ГДЗ по алгебре и начала математического анализа 11 класс Колягин Задание 1100

\[1)\ y = \cos x;\ x = \frac{\pi}{4};\text{\ y} = 0:\]

\[\cos x = 0\]

\[x = \frac{\pi}{2} + \pi n\]

\[x_{1} = - \frac{\pi}{2};\text{\ \ \ }x_{2} = \frac{\pi}{2}.\]

\[Первая\ трапеция:\]

\[S = \int_{\frac{\pi}{4}}^{\frac{\pi}{2}}{\left( \cos x \right)\text{dx}} = \left. \ \left( \sin x \right) \right|_{\frac{\pi}{4}}^{\frac{\pi}{2}} =\]

\[= \sin\frac{\pi}{2} - \sin\frac{\pi}{4} = 1 - \frac{\sqrt{2}}{2} =\]

\[= \frac{2 - \sqrt{2}}{2}.\]

\[Вторая\ трапеция:\]

\[S = \int_{- \frac{\pi}{2}}^{\frac{\pi}{4}}{\left( \cos x \right)\text{dx}} = \left. \ \left( \sin x \right) \right|_{- \frac{\pi}{2}}^{\frac{\pi}{4}} =\]

\[= \sin\frac{\pi}{4} - \sin\left( - \frac{\pi}{2} \right) = \frac{\sqrt{2}}{2} + 1 =\]

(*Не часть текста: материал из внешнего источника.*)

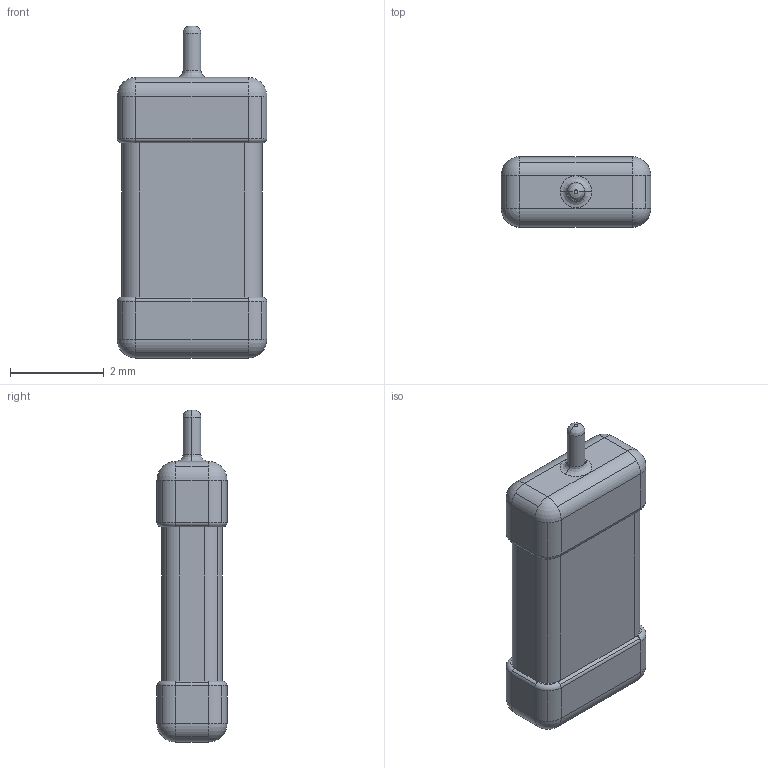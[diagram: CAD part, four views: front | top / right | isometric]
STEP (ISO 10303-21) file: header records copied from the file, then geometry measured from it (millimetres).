
FILE_DESCRIPTION((''),'2;1');
FILE_NAME('591D_C-case_15H.stp','2019-05-02T10:54:25',(''),(''),'AutoCAD STEP 2000i','AutoCAD 2000i',', , ');
FILE_SCHEMA(('CONFIG_CONTROL_DESIGN'));
Length unit declared in the file: millimetre
Products named in the file (2): 591D_C-CASE_15H; MODEL
Assembly tree (1 placements, depth 2):
  591D_C-CASE_15H
    MODEL
Bounding box: 3.2 x 1.5 x 7.1 mm (x, y, z)
Volume: 24.6 mm3; surface area: 58.1 mm2
Topology: 1 solids, 1 shells, 101 faces, 242 edges, 136 vertices
Faces by surface type: cylinder 58, plane 23, torus 8, sphere 8, bspline 4
Entity records: 3129 total; most frequent: CARTESIAN_POINT 649, DIRECTION 564, ORIENTED_EDGE 468, EDGE_CURVE 234, AXIS2_PLACEMENT_3D 231, VERTEX_POINT 136, CIRCLE 132, VECTOR 102

\[= \frac{2 + \sqrt{2}}{2}.\]

\[Ответ:\ \ \frac{2 - \sqrt{2}}{2};\ \frac{2 + \sqrt{2}}{2}.\]

\[2)\ y = 3^{x};x = - 1;\ x = 1;\text{\ y} = 0:\]

\[S = \int_{- 1}^{1}{3^{x}\text{\ dx}} = \left. \ \left( \frac{3^{x}}{\ln 3} \right) \right|_{- 1}^{1} =\]

\[= \frac{3^{1}}{\ln 3} - \frac{3^{- 1}}{\ln 3} = \frac{3 - \frac{1}{3}}{\ln 3} = \frac{8}{3\ln 3}.\]

\[Ответ:\ \ \frac{8}{3\ln 3}.\]

\[3)\ y = 2\cos{3x} - 5\sin{2x} + 10;\]

\[y = 0;\ \ \ x = - \frac{3\pi}{4};\ \ \ x = \frac{5\pi}{4}:\]

\[S =\]

\[= \int_{- \frac{3\pi}{4}}^{\frac{5\pi}{4}}{\left( 2\cos{3x} - 5\sin{2x} + 10 \right)\text{dx}} =\]

\[= \left. \ \left( \frac{2}{3}\sin{3x} + \frac{5}{2}\cos{2x} + 10x \right) \right|_{- \frac{3\pi}{4}}^{\frac{5\pi}{4}} =\]

\[= \frac{40\pi}{2} = 20\pi.\]

\[Ответ:\ \ 20\pi.\]